Apply filters when reading files #26

tbeason · 2018-02-02T01:14:53Z

I think it should be possible to include filters via keyword args in the readsas/open function. For example, readsas("data.sas7bdat",include_columns=[:DATE,:ID,:VALUE1],filters=[ Date(1960) <= :DATE <= Date(2000), :ID in (1,2,3,4,10), :VALUE1 >0])

It doesn't feel very efficient to read in a large data set and then filter away half of the observations. My guess is that is has to be much faster to just iterate line by line (or chunk by chunk) and apply the filters as the file is read.

In practice, this would be much more beneficial (IMO) than trying to edge out a few more performance improvements that speed up reading by a few % each.
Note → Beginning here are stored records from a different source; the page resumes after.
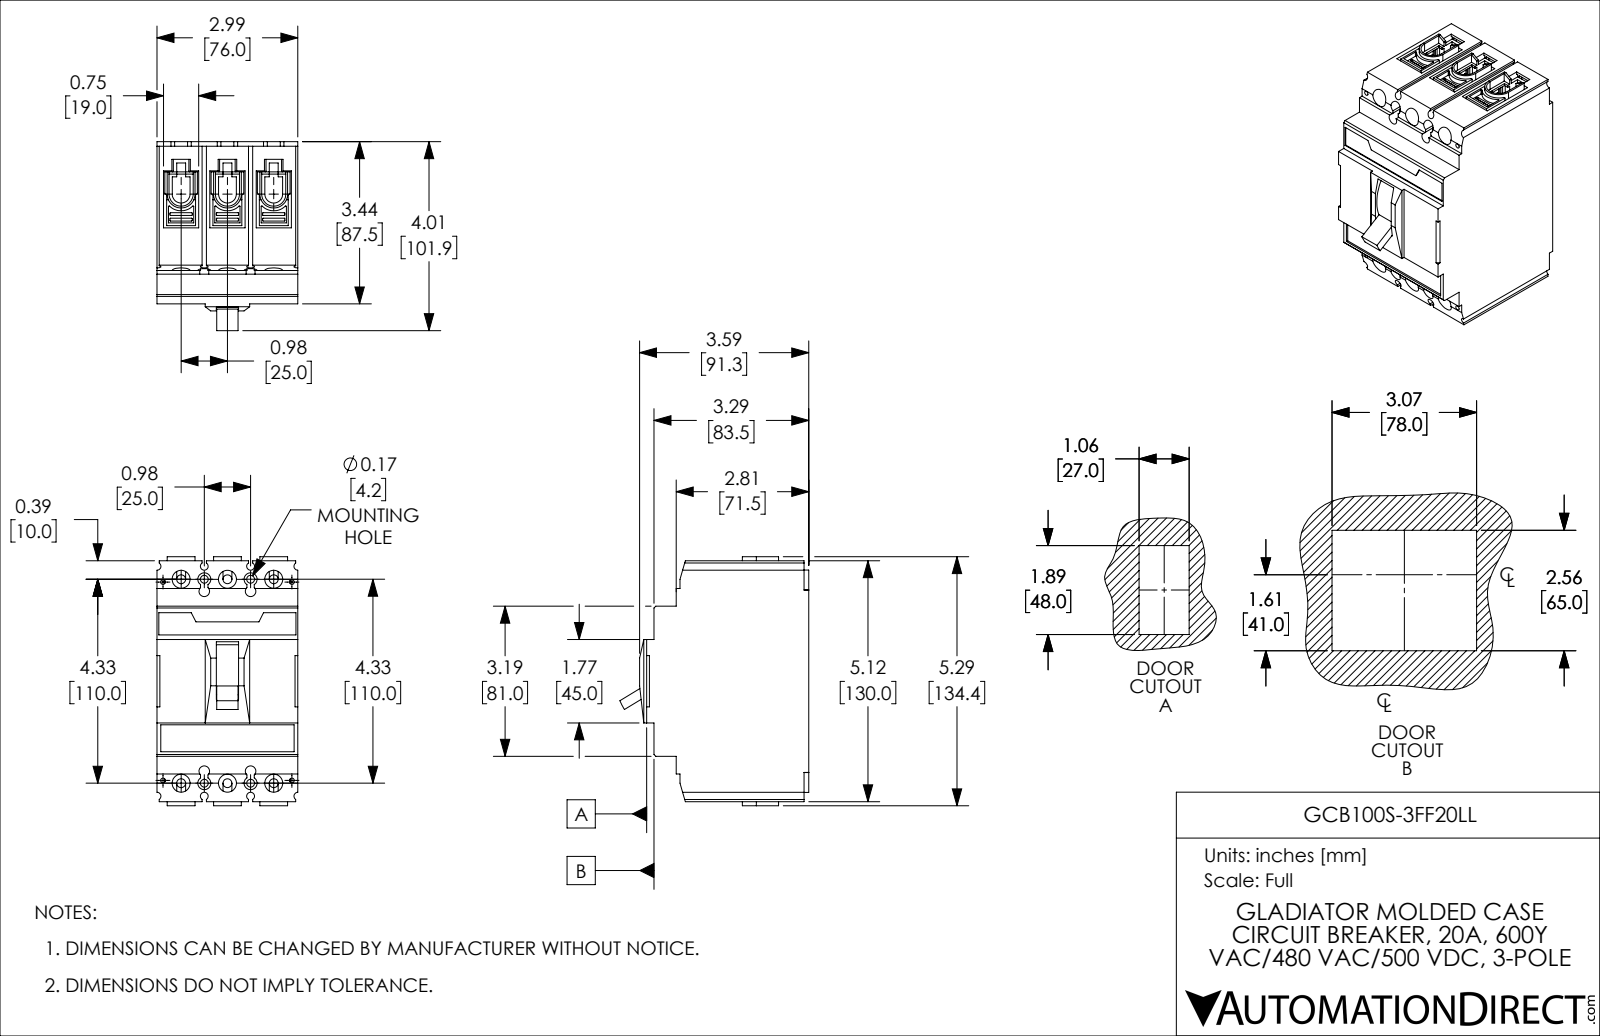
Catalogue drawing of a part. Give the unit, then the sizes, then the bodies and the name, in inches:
Units: inches
Overall size (bounding box): 5.291 × 4.013 × 2.992
Round holes (diameter × count): ⌀0.165 ×8, ⌀0.189 ×6, ⌀0.382 ×6, ⌀0.098 ×4, ⌀0.276 ×4
Partial cylindrical surfaces — rounded edges, fillets, slot ends (radius × count): R0.012 ×86, R0.02 ×38, R0.039 ×14, R0.157 ×14, R0.024 ×6, R0.083 ×4, R0.112 ×4, R0.189 ×3
Main face-to-face distances: 2.992, 0.984, 0.622, 4.496, 1.732, 0.11, 3.445, 0.748, 1.969, 5.118
Hole centre spacings: 0.492, 0.564, 0.984, 4.359, 4.633, 4.441, 4.331, 0.276
Volume: 43.23 in³ · Surface area: 148.5 in²
Bodies: 1 solid, 1256 faces (784 planar, 424 cylindrical, 48 other)
Part name (STEP PRODUCT): GCB100S-3FF20LL
STEP written by: SolidWorks 2021 (CONFIG_CONTROL_DESIGN)

The text was updated successfully, but these errors were encountered:

tk3369 · 2018-02-11T20:56:35Z

Having a declarative expression looks nice but it seems to be a bit tricky to implement and not flexible.

Let's say we design a functional interface where it takes a Dict of (column_symbol => value) and it just returns a boolean when the row should be included in the results:

f(x::Dict)::Bool

Then, you could do something like:

filter(x) = x[:DATE] >= Date(1960) && x[:DATE] <= Date(2000) && x[:ID] in (1,2,3,4,5)
readsas("data.sas7bdat", filter_fn=filter)

There will be a slight performance hit as the reader will have to put the data into a Dict and then call the filter function. We can possibly reuse the Dict so it doesn't allocate like crazy.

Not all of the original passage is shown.